Sociologist William Julius Wilson to speak for Assembly Series

William Julius Wilson, PhD, the Lewis P. and Linda L. Geyser University Professor at Harvard University, will present this year’s Chancellor’s Fellows Lecture, “Race and Affirmative Opportunity in the Barack Obama Era” at 11 a.m. Tuesday, March 27, in Graham Chapel for the Assembly Series. His talk is free and open to the public.

Wilson

An eminent sociologist and author, Wilson has been studying the conditions of life in the American inner city for nearly four decades.
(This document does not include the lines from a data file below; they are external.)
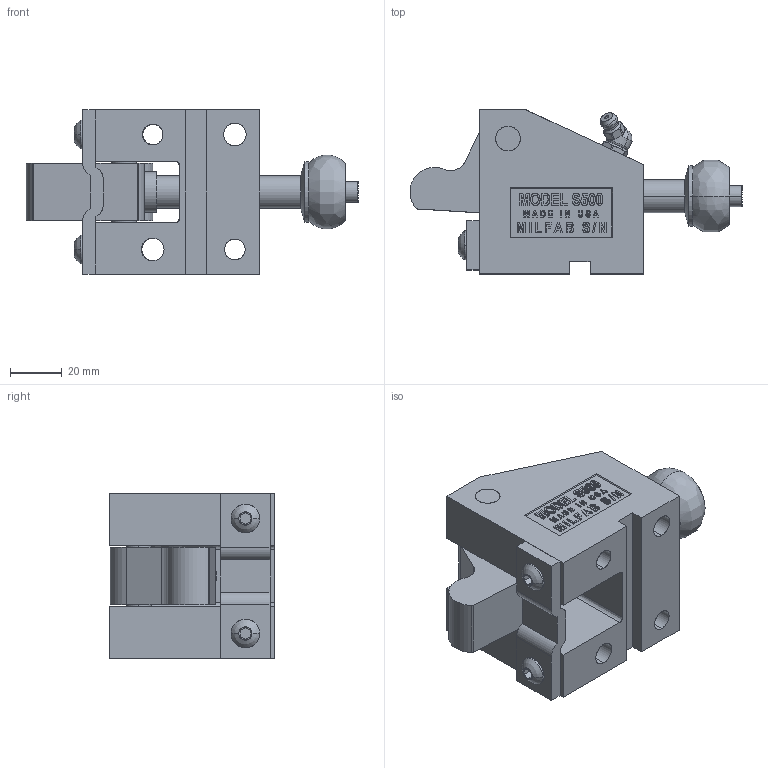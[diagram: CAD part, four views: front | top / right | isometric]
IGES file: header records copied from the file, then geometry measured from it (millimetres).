
Start section: SolidWorks IGES file using analytic representation for surfaces
Global section: file name: Y:\JIM'S INCH CAM UNITS\S50045\CLOSED\S50045-C.IGS; native system: SolidWorks 2006 by SolidWorks Corporation; preprocessor: SolidWorks 2006 by SolidWorks Corporation; author: Jim; date: 090207.151615; units: inch
Bounding box: 128.38 x 63.5 x 63.5 mm (x, y, z)
Surface area: 53872.6 mm2 (no closed solid volume)
Topology: 0 solids, 0 shells, 571 faces, 7397 edges, 7395 vertices
Faces by surface type: bspline 445, revolution 126
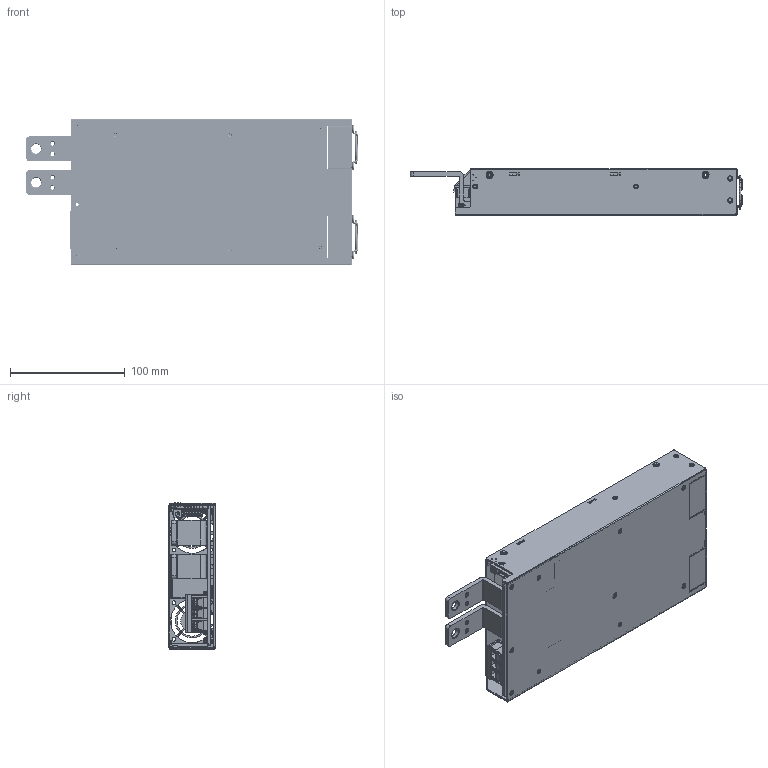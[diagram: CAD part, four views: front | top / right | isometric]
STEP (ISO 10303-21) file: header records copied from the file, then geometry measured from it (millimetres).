
FILE_DESCRIPTION((''),'2;1');
FILE_NAME('PRT0001','2026-05-22T',('pe218'),(''),'PRO/ENGINEER BY PARAMETRIC TECHNOLOGY CORPORATION, 2014000','PRO/ENGINEER BY PARAMETRIC TECHNOLOGY CORPORATION, 2014000','');
FILE_SCHEMA(('CONFIG_CONTROL_DESIGN'));
Products named in the file (1): PRT0001
Bounding box: 289.33 x 40.58 x 127.45 mm (x, y, z)
Volume: 192607.4 mm3; surface area: 301262.9 mm2
Topology: 9 solids, 27 shells, 3202 faces, 8996 edges, 5798 vertices
Faces by surface type: plane 1638, cylinder 938, bspline 306, torus 154, cone 154, extrusion 12
Entity records: 168401 total; most frequent: CARTESIAN_POINT 77171, ORIENTED_EDGE 17968, DIRECTION 15647, EDGE_CURVE 8984, VERTEX_POINT 5798, AXIS2_PLACEMENT_3D 5230, VECTOR 5187, LINE 5175
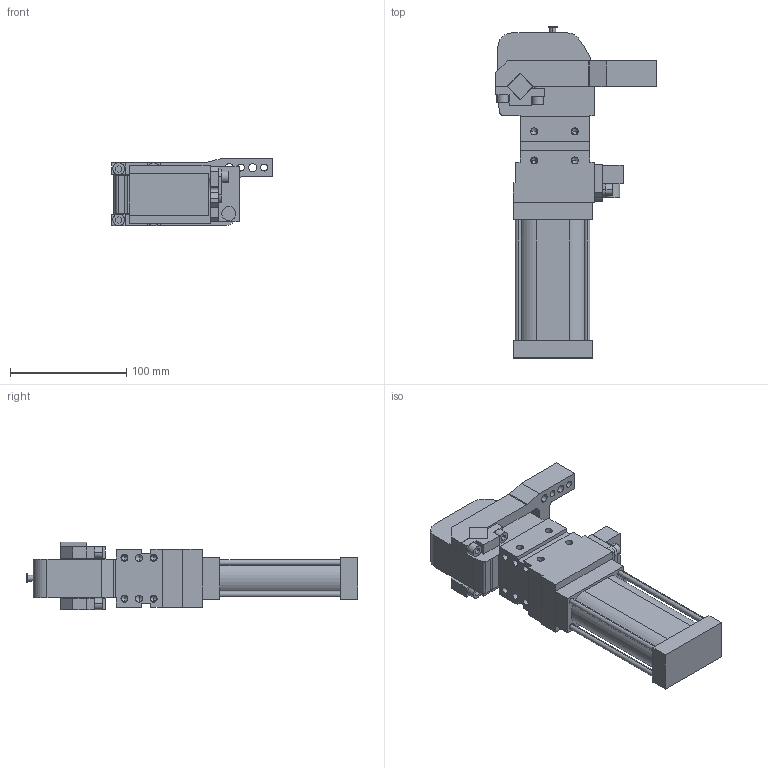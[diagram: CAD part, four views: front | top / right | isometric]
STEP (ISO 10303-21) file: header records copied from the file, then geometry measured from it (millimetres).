
FILE_DESCRIPTION (( 'STEP AP214' ), '1' );
FILE_NAME ('cpl40v2ssi1g_19.STEP', '2021-05-25T10:35:48', ( '' ), ( '' ), 'SwSTEP 2.0', 'SolidWorks 2021', '' );
FILE_SCHEMA (( 'AUTOMOTIVE_DESIGN' ));
Length unit declared in the file: millimetre
Products named in the file (5): blocchetto_VEP_0_cpl40; cpl40v2ssi1g_19; meccanica_cpl40; piastra_blocchetto_cpl40; leva_v2d_cpl40
Assembly tree (4 placements, depth 2):
  cpl40v2ssi1g_19
    meccanica_cpl40
    blocchetto_VEP_0_cpl40
    piastra_blocchetto_cpl40
    leva_v2d_cpl40
Bounding box: 138 x 285 x 58 mm (x, y, z)
Volume: 766650.2 mm3; surface area: 116512.3 mm2
Topology: 5 solids, 5 shells, 431 faces, 1097 edges, 687 vertices
Faces by surface type: plane 242, cylinder 141, cone 48
Entity records: 14240 total; most frequent: DIRECTION 2239, CARTESIAN_POINT 2176, ORIENTED_EDGE 2102, EDGE_CURVE 1051, AXIS2_PLACEMENT_3D 750, LINE 739, VECTOR 739, VERTEX_POINT 687

His groundbreaking 1996 book, When Work Disappears: The World of the New Urban Poor, illustrated in startling detail the death blow delivered to inner city inhabitants by the loss of unskilled but living wage jobs in their own communities.

Wilson is interested in developing solutions for surmounting the “equal playing field” dilemma and getting past the heated rhetoric. In his presentation, he will survey the landscape of racial- and class-based preferences, then discuss the pros and cons of current affirmative action programs versus the adoption of a more flexible, merit-based evaluation.

A past president of the American Sociological Association and a MacArthur Prize Fellow from 1987-1992, Wilson has been elected to the National Academy of Sciences, the American Academy of Arts and Sciences, the National Academy of Education, the American Philosophical Society, the Institute of Medicine and the British Academy. He is a recipient of the 1998 National Medal of Science, the highest scientific honor bestowed by the U.S. government.

Wilson is the author of several books, including The Declining Significance of Race, The Truly Disadvantaged and The Bridge Over the Racial Divide: Rising Inequality and Coalition Politics.

Most recently, he co-wrote There Goes the Neighborhood: Racial, Ethnic, and Class Tensions in Four Chicago Neighborhoods and Their Meaning for America, and Good Kids in Bad Neighborhoods: Successful Development in Social Context.